The Adobe flash player will not install properly on this particular computer. We have tried several times, we have also downloaded the uninstaller from Adobe, and it still will not install. What do we need to do to get this program to install and run properly? We have the same problem regardless of what browser we use, IE, Mozilla, and AOL. This OS is XP Service Pack II. Any help regarding this situation would be greatly appreciated as we have struggled with this for the past few months. Thanks in advance.


----------



## Augie65 (Mar 24, 2005)

Save this Flash Player to your desktop and then try the uninstaller from adobe to uninstall your player.

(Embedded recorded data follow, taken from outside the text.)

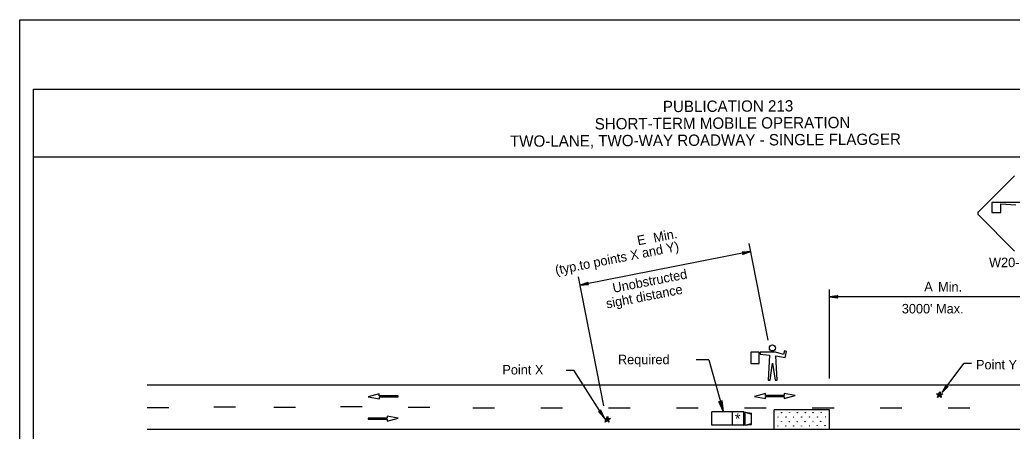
# Model space of a CAD drawing. Extents: x -14145 to -13521, y 30244 to 30661.
# Drawn here: x -13892.17 to -13870.25, y 30468.21 to 30477.31 of the extents above; entities that cross this region are included whole.
import ezdxf

# ---------------------------------------------------------------- set-up
doc = ezdxf.new("R2010")
doc.units = 0
for name, color, linetype in [('1', 7, 'Continuous'), ('10', 7, 'Continuous'), ('2', 7, 'Continuous'), ('4', 7, 'Continuous'), ('61', 7, 'Continuous')]:
    doc.layers.add(name, color=color, linetype=linetype)

msp = doc.modelspace()

# ---------------------------------------------------------------- linework, layer by layer
at = {"layer": '1'}
for p, q in [((-13870.202, 30473.858), (-13870.997, 30473.063)), ((-13870.082, 30473.266), (-13870.705, 30473.266)), ((-13870.705, 30473.266), (-13870.705, 30473.048)), ((-13870.502, 30473.048), (-13870.502, 30473.243)), ((-13870.502, 30473.243), (-13870.172, 30473.221)), ((-13870.997, 30472.996), (-13870.202, 30472.193)), ((-13870.705, 30473.048), (-13870.502, 30473.048)), ((-13875.646, 30470.225), (-13876.065, 30472.362)), ((-13876.03, 30472.183), (-13879.799, 30471.444)), ((-13879.275, 30468.771), (-13879.834, 30471.623)), ((-13874.291, 30469.377), (-13874.291, 30471.347)), ((-13869.407, 30471.182), (-13874.291, 30471.182)), ((-13875.84, 30469.961), (-13876.028, 30469.961)), ((-13876.028, 30469.961), (-13876.028, 30469.711)), ((-13875.84, 30469.711), (-13875.84, 30469.961)), ((-13875.482, 30469.961), (-13875.822, 30469.961)), ((-13875.822, 30469.961), (-13875.822, 30469.917)), ((-13875.822, 30469.917), (-13875.616, 30469.891)), ((-13875.616, 30469.891), (-13875.644, 30469.345)), ((-13875.304, 30469.909), (-13875.482, 30469.961)), ((-13875.447, 30469.345), (-13875.473, 30469.881)), ((-13875.473, 30469.881), (-13875.268, 30469.843)), ((-13875.286, 30469.989), (-13875.304, 30469.909)), ((-13875.238, 30469.977), (-13875.286, 30469.989)), ((-13875.268, 30469.843), (-13875.238, 30469.977)), ((-13876.956, 30469.791), (-13877.236, 30469.791)), ((-13876.956, 30469.791), (-13876.638, 30468.659)), ((-13876.028, 30469.711), (-13875.84, 30469.711)), ((-13875.599, 30469.345), (-13875.545, 30469.719)), ((-13875.545, 30469.719), (-13875.492, 30469.345)), ((-13871.803, 30469.07), (-13871.32, 30469.708)), ((-13871.156, 30469.708), (-13871.32, 30469.708)), ((-13880.103, 30469.565), (-13879.938, 30469.565)), ((-13879.268, 30468.509), (-13879.937, 30469.565)), ((-13889.363, 30469.241), (-13863.083, 30469.241)), ((-13875.644, 30469.345), (-13875.599, 30469.345)), ((-13875.492, 30469.345), (-13875.447, 30469.345)), ((-13884.234, 30469.039), (-13884.476, 30468.973)), ((-13884.476, 30468.973), (-13884.232, 30468.926)), ((-13884.234, 30468.994), (-13884.234, 30469.039)), ((-13883.818, 30468.994), (-13884.234, 30468.994)), ((-13884.232, 30468.926), (-13884.232, 30468.972)), ((-13884.232, 30468.972), (-13883.818, 30468.972)), ((-13883.818, 30468.972), (-13883.818, 30468.994)), ((-13875.706, 30469.048), (-13875.947, 30468.982)), ((-13875.947, 30468.982), (-13875.704, 30468.936)), ((-13875.706, 30469.003), (-13875.706, 30469.048)), ((-13875.292, 30469.003), (-13875.706, 30469.003)), ((-13875.704, 30468.981), (-13875.29, 30468.981)), ((-13875.704, 30468.936), (-13875.704, 30468.981)), ((-13875.048, 30469.002), (-13875.292, 30469.048)), ((-13875.292, 30469.048), (-13875.292, 30469.003)), ((-13875.29, 30468.936), (-13875.048, 30469.002)), ((-13875.29, 30468.981), (-13875.29, 30468.936)), ((-13871.888, 30469.012), (-13871.902, 30468.961)), ((-13888.883, 30468.731), (-13889.363, 30468.731)), ((-13887.407, 30468.743), (-13887.887, 30468.743)), ((-13886.087, 30468.737), (-13886.567, 30468.737)), ((-13884.611, 30468.749), (-13885.091, 30468.749)), ((-13883.117, 30468.737), (-13883.597, 30468.737)), ((-13881.689, 30468.725), (-13882.169, 30468.725)), ((-13880.189, 30468.725), (-13880.669, 30468.725)), ((-13878.689, 30468.725), (-13879.169, 30468.725)), ((-13877.189, 30468.725), (-13877.669, 30468.725)), ((-13875.689, 30468.725), (-13876.169, 30468.725)), ((-13874.189, 30468.725), (-13874.669, 30468.725)), ((-13872.689, 30468.725), (-13873.169, 30468.725)), ((-13871.189, 30468.725), (-13871.669, 30468.725)), ((-13884.062, 30468.503), (-13884.476, 30468.503)), ((-13884.476, 30468.503), (-13884.476, 30468.481)), ((-13883.818, 30468.502), (-13884.062, 30468.548)), ((-13884.062, 30468.548), (-13884.062, 30468.503)), ((-13876.891, 30468.347), (-13876.891, 30468.642)), ((-13876.178, 30468.642), (-13876.891, 30468.642)), ((-13876.43, 30468.347), (-13876.43, 30468.642)), ((-13876.178, 30468.347), (-13876.178, 30468.642)), ((-13876.178, 30468.642), (-13876.012, 30468.613)), ((-13876.149, 30468.635), (-13876.012, 30468.592)), ((-13876.149, 30468.347), (-13876.149, 30468.635)), ((-13876.012, 30468.361), (-13876.012, 30468.613)), ((-13874.291, 30468.683), (-13875.515, 30468.683)), ((-13875.515, 30468.257), (-13875.515, 30468.683)), ((-13874.291, 30468.257), (-13874.291, 30468.683)), ((-13884.476, 30468.481), (-13884.059, 30468.481)), ((-13884.059, 30468.436), (-13883.818, 30468.502)), ((-13884.059, 30468.481), (-13884.059, 30468.436)), ((-13879.23, 30468.465), (-13879.244, 30468.415)), ((-13876.178, 30468.347), (-13876.891, 30468.347)), ((-13876.178, 30468.347), (-13876.012, 30468.361)), ((-13876.149, 30468.347), (-13876.012, 30468.383)), ((-13889.363, 30468.257), (-13863.083, 30468.257))]:
    msp.add_line(p, q, dxfattribs=at)
for points in [[(-13876.21, 30472.17), (-13876.202, 30472.16), (-13876.029, 30472.183), (-13876.21, 30472.17), (-13876.217, 30472.175), (-13876.029, 30472.183), (-13876.198, 30472.142), (-13876.202, 30472.129), (-13876.029, 30472.183), (-13876.205, 30472.116), (-13876.202, 30472.129)], [(-13879.617, 30471.457), (-13879.625, 30471.467), (-13879.798, 30471.444), (-13879.617, 30471.457), (-13879.61, 30471.452), (-13879.798, 30471.444), (-13879.629, 30471.485), (-13879.625, 30471.498), (-13879.798, 30471.444), (-13879.622, 30471.511), (-13879.625, 30471.498)], [(-13874.111, 30471.164), (-13874.117, 30471.176), (-13874.291, 30471.182), (-13874.111, 30471.164), (-13874.105, 30471.152), (-13874.291, 30471.182), (-13874.123, 30471.194), (-13874.117, 30471.206), (-13874.291, 30471.182), (-13874.105, 30471.212), (-13874.117, 30471.206)], [(-13871.679, 30469.201), (-13871.692, 30469.197), (-13871.803, 30469.07), (-13871.679, 30469.201), (-13871.666, 30469.204), (-13871.803, 30469.07), (-13871.706, 30469.214), (-13871.717, 30469.222), (-13871.803, 30469.07), (-13871.713, 30469.233), (-13871.717, 30469.222)], [(-13876.67, 30468.876), (-13876.683, 30468.864), (-13876.638, 30468.659), (-13876.67, 30468.876), (-13876.664, 30468.89), (-13876.638, 30468.659), (-13876.704, 30468.858), (-13876.721, 30468.861), (-13876.638, 30468.659), (-13876.735, 30468.87), (-13876.721, 30468.861)], [(-13879.347, 30468.671), (-13879.348, 30468.658), (-13879.268, 30468.509), (-13879.347, 30468.671), (-13879.345, 30468.684), (-13879.268, 30468.509), (-13879.369, 30468.65), (-13879.38, 30468.643), (-13879.268, 30468.509), (-13879.389, 30468.651), (-13879.38, 30468.643)]]:
    msp.add_lwpolyline(points, dxfattribs=at)
for centre, radius in [((-13875.55, 30470.055), 0.0672), ((-13875.425, 30468.524), 0.00272), ((-13875.345, 30468.622), 0.00272), ((-13875.25, 30468.526), 0.00272), ((-13875.172, 30468.623), 0.00272), ((-13875.079, 30468.524), 0.00272), ((-13874.998, 30468.624), 0.00272), ((-13874.903, 30468.526), 0.00272), ((-13874.824, 30468.623), 0.00272), ((-13874.729, 30468.525), 0.00272), ((-13874.652, 30468.625), 0.00272), ((-13874.557, 30468.53), 0.00272), ((-13874.556, 30468.527), 0.00272), ((-13874.477, 30468.628), 0.00272), ((-13874.382, 30468.532), 0.00272), ((-13875.43, 30468.328), 0.00272), ((-13875.35, 30468.425), 0.00272), ((-13875.255, 30468.33), 0.00272), ((-13875.179, 30468.425), 0.00272), ((-13875.082, 30468.329), 0.00272), ((-13875.002, 30468.426), 0.00272), ((-13874.908, 30468.331), 0.00272), ((-13874.829, 30468.426), 0.00272), ((-13874.735, 30468.332), 0.00272), ((-13874.654, 30468.428), 0.00272), ((-13874.562, 30468.335), 0.00272), ((-13874.561, 30468.332), 0.00272), ((-13874.483, 30468.432), 0.00272), ((-13874.388, 30468.336), 0.00272)]:
    msp.add_circle(centre, radius, dxfattribs=at)
msp.add_arc((-13870.969, 30473.027), 0.0465, 135, 225, dxfattribs=at)
at = {"layer": '10'}
for p, q in [((-13891.874, 30475.777), (-13860.422, 30475.777)), ((-13891.874, 30453.207), (-13891.874, 30475.777)), ((-13891.874, 30474.277), (-13860.422, 30474.277))]:
    msp.add_line(p, q, dxfattribs=at)
at = {"layer": '2'}
for p, q in [((-13871.888, 30469.012), (-13871.924, 30469.041)), ((-13871.924, 30469.041), (-13871.873, 30469.041)), ((-13871.902, 30468.961), (-13871.888, 30469.012)), ((-13871.859, 30468.997), (-13871.902, 30468.961)), ((-13871.873, 30469.041), (-13871.852, 30469.091)), ((-13871.823, 30468.961), (-13871.859, 30468.997)), ((-13871.852, 30469.091), (-13871.837, 30469.041)), ((-13871.837, 30469.041), (-13871.787, 30469.041)), ((-13871.787, 30469.041), (-13871.83, 30469.012)), ((-13871.83, 30469.012), (-13871.823, 30468.961)), ((-13879.215, 30468.494), (-13879.194, 30468.544)), ((-13879.194, 30468.544), (-13879.179, 30468.494)), ((-13879.23, 30468.465), (-13879.266, 30468.494)), ((-13879.266, 30468.494), (-13879.215, 30468.494)), ((-13879.244, 30468.415), (-13879.23, 30468.465)), ((-13879.201, 30468.451), (-13879.244, 30468.415)), ((-13879.165, 30468.415), (-13879.201, 30468.451)), ((-13879.179, 30468.494), (-13879.129, 30468.494)), ((-13879.129, 30468.494), (-13879.172, 30468.465)), ((-13879.172, 30468.465), (-13879.165, 30468.415))]:
    msp.add_line(p, q, dxfattribs=at)
for points in [[(-13871.859, 30469.069), (-13871.866, 30469.033), (-13871.909, 30469.033), (-13871.881, 30469.019), (-13871.895, 30468.976), (-13871.859, 30468.997), (-13871.823, 30468.976), (-13871.837, 30469.019), (-13871.801, 30469.033), (-13871.845, 30469.033), (-13871.852, 30469.077), (-13871.859, 30469.026), (-13871.895, 30469.033), (-13871.873, 30469.019), (-13871.888, 30468.983), (-13871.859, 30469.005), (-13871.83, 30468.983), (-13871.845, 30469.019), (-13871.816, 30469.033), (-13871.845, 30469.033), (-13871.852, 30469.055), (-13871.859, 30469.026), (-13871.881, 30469.026), (-13871.866, 30469.019), (-13871.873, 30468.997), (-13871.859, 30469.012), (-13871.845, 30468.997), (-13871.845, 30469.019), (-13871.823, 30469.026), (-13871.845, 30469.026), (-13871.852, 30469.033), (-13871.852, 30469.019), (-13871.866, 30469.019), (-13871.866, 30469.019), (-13871.866, 30469.005), (-13871.859, 30469.012), (-13871.845, 30469.005), (-13871.852, 30469.019), (-13871.837, 30469.019), (-13871.852, 30469.019), (-13871.852, 30469.019), (-13871.859, 30469.019), (-13871.859, 30469.019), (-13871.852, 30469.012), (-13871.859, 30469.019), (-13871.859, 30469.019), (-13871.859, 30469.019), (-13871.859, 30469.019)], [(-13879.201, 30468.523), (-13879.208, 30468.487), (-13879.251, 30468.487), (-13879.223, 30468.472), (-13879.237, 30468.429), (-13879.201, 30468.451), (-13879.165, 30468.429), (-13879.179, 30468.472), (-13879.143, 30468.487), (-13879.187, 30468.487), (-13879.194, 30468.53), (-13879.201, 30468.48), (-13879.237, 30468.487), (-13879.215, 30468.472), (-13879.23, 30468.436), (-13879.201, 30468.458), (-13879.172, 30468.436), (-13879.187, 30468.472), (-13879.158, 30468.487), (-13879.187, 30468.487), (-13879.194, 30468.508), (-13879.201, 30468.48), (-13879.223, 30468.48), (-13879.208, 30468.472), (-13879.215, 30468.451), (-13879.201, 30468.465), (-13879.187, 30468.451), (-13879.187, 30468.472), (-13879.165, 30468.48), (-13879.187, 30468.48), (-13879.194, 30468.487), (-13879.194, 30468.472), (-13879.208, 30468.472), (-13879.208, 30468.472), (-13879.208, 30468.458), (-13879.201, 30468.465), (-13879.187, 30468.458), (-13879.194, 30468.472), (-13879.179, 30468.472), (-13879.194, 30468.472), (-13879.194, 30468.472), (-13879.201, 30468.472), (-13879.201, 30468.472), (-13879.194, 30468.465), (-13879.201, 30468.472), (-13879.201, 30468.472), (-13879.201, 30468.472), (-13879.201, 30468.472)]]:
    msp.add_lwpolyline(points, dxfattribs=at)
at = {"layer": '61'}
msp.add_lwpolyline([(-13892.174, 30477.307), (-13859.174, 30477.307), (-13859.174, 30451.807), (-13892.174, 30451.807)], close=True, dxfattribs=at)

# ---------------------------------------------------------------- texts
at = {"layer": '1'}
msp.add_text('*', height=0.238, rotation=0.7233, dxfattribs=at).set_placement((-13876.376, 30468.37))
at = {"layer": '2'}
for s, p in [('E', (-13878.516, 30472.321)), ('Min.', (-13878.159, 30472.384)), ('(typ.to points X and Y)', (-13880.327, 30471.67)), ('Unobstructed', (-13879.058, 30471.271)), ('sight distance', (-13879.205, 30470.925))]:
    msp.add_text(s, height=0.21, rotation=11.0819, dxfattribs=at).set_placement(p)
for s, p in [('W20-7A', (-13870.765, 30471.839)), ('A', (-13872.196, 30471.306)), ('Min.', (-13871.891, 30471.301)), ("3000' Max.", (-13872.692, 30470.817)), ('Required', (-13878.962, 30469.694)), ('Point X', (-13881.515, 30469.467)), ('Point Y', (-13871.053, 30469.58))]:
    msp.add_text(s, height=0.21, dxfattribs=at).set_placement(p)
at = {"layer": '4'}
for s, p in [('PUBLICATION 213', (-13877.969, 30475.266)), ('SHORT-TERM MOBILE OPERATION', (-13879.475, 30474.883)), ('TWO-LANE, TWO-WAY ROADWAY - SINGLE FLAGGER', (-13881.347, 30474.499))]:
    msp.add_text(s, height=0.25, rotation=0.31, dxfattribs=at).set_placement(p)

doc.saveas('drawing.dxf')

Then close everything and run the setup installer you downloaded and try the test for Flash Player.


----------



## SUEOHIO (Jan 30, 2007)

i had hoped that i would never see a poor soul again having problems with that stupid flash player. okay go to your add/remove programs and look for either adobe flash player active x or macromedia flash player. if neither one is listed you probably dont have it anymore. or you can check your folders and look for either adobe or macromedia see if anthing is listed that mentions flash player. if not go to www.softwarepatch.com and look under software there are 2 listed, one if you want just the flash player the current version is adobe flash player 9. that correct download will say install_flash_ player_ etc 4. something mb. if you see that thats the one to download. if you want the shockwave and flash player stand alone version the newest one is shockwave 10.0 if you need both download that one and install it. when just the flash player gets installed properly check your add/remove programs and it will say adobe flash player 9 active x size 2.33 mb. if you install shockwave properly it will say in the add remove programs shockwave etc size etc. hope this helps you. let us know what happens. im beginning to be an expert on this stupid and annoying problem so many people are having with this darn thing. i hope someday we can mark this annoyance as being permanently solved.


----------



## SUEOHIO (Jan 30, 2007)

ps maybe you will be one of the lucky ones to have the uninstaller from adobe work. it didnt for me or any everyone else whos tried it. for me the adobe website was worse than useless. it kept telling me either i had it installed already or that it was installing it and it never did.


----------



## Leec65 (Jan 11, 2007)

some spyware cleaner and reg cleaner have problems with flash player what are you running for cleaners?


----------



## fastfreddie1959 (Jun 10, 2006)

I reverted back to IE 6 and no more flash problems.
It works fine in Firefox but could never get it to stay in IE 7.
Activex never showed up in the addons.


----------



## chikid68 (Mar 23, 2006)

pishbloom2 said:


> i had hoped that i would never see a poor soul again having problems with that stupid flash player. okay go to your add/remove programs and look for either adobe flash player active x or macromedia flash player. if neither one is listed you probably dont have it anymore. or you can check your folders and look for either adobe or macromedia see if anthing is listed that mentions flash player. if not go to www.softwarepatch.com and look under software there are 2 listed, one if you want just the flash player the current version is adobe flash player 9. that correct download will say install_flash_ player_ etc 4. something mb. if you see that thats the one to download. if you want the shockwave and flash player stand alone version the newest one is shockwave 10.0 if you need both download that one and install it. when just the flash player gets installed properly check your add/remove programs and it will say adobe flash player 9 active x size 2.33 mb. if you install shockwave properly it will say in the add remove programs shockwave etc size etc. hope this helps you. let us know what happens. im beginning to be an expert on this stupid and annoying problem so many people are having with this darn thing. i hope someday we can mark this annoyance as being permanently solved.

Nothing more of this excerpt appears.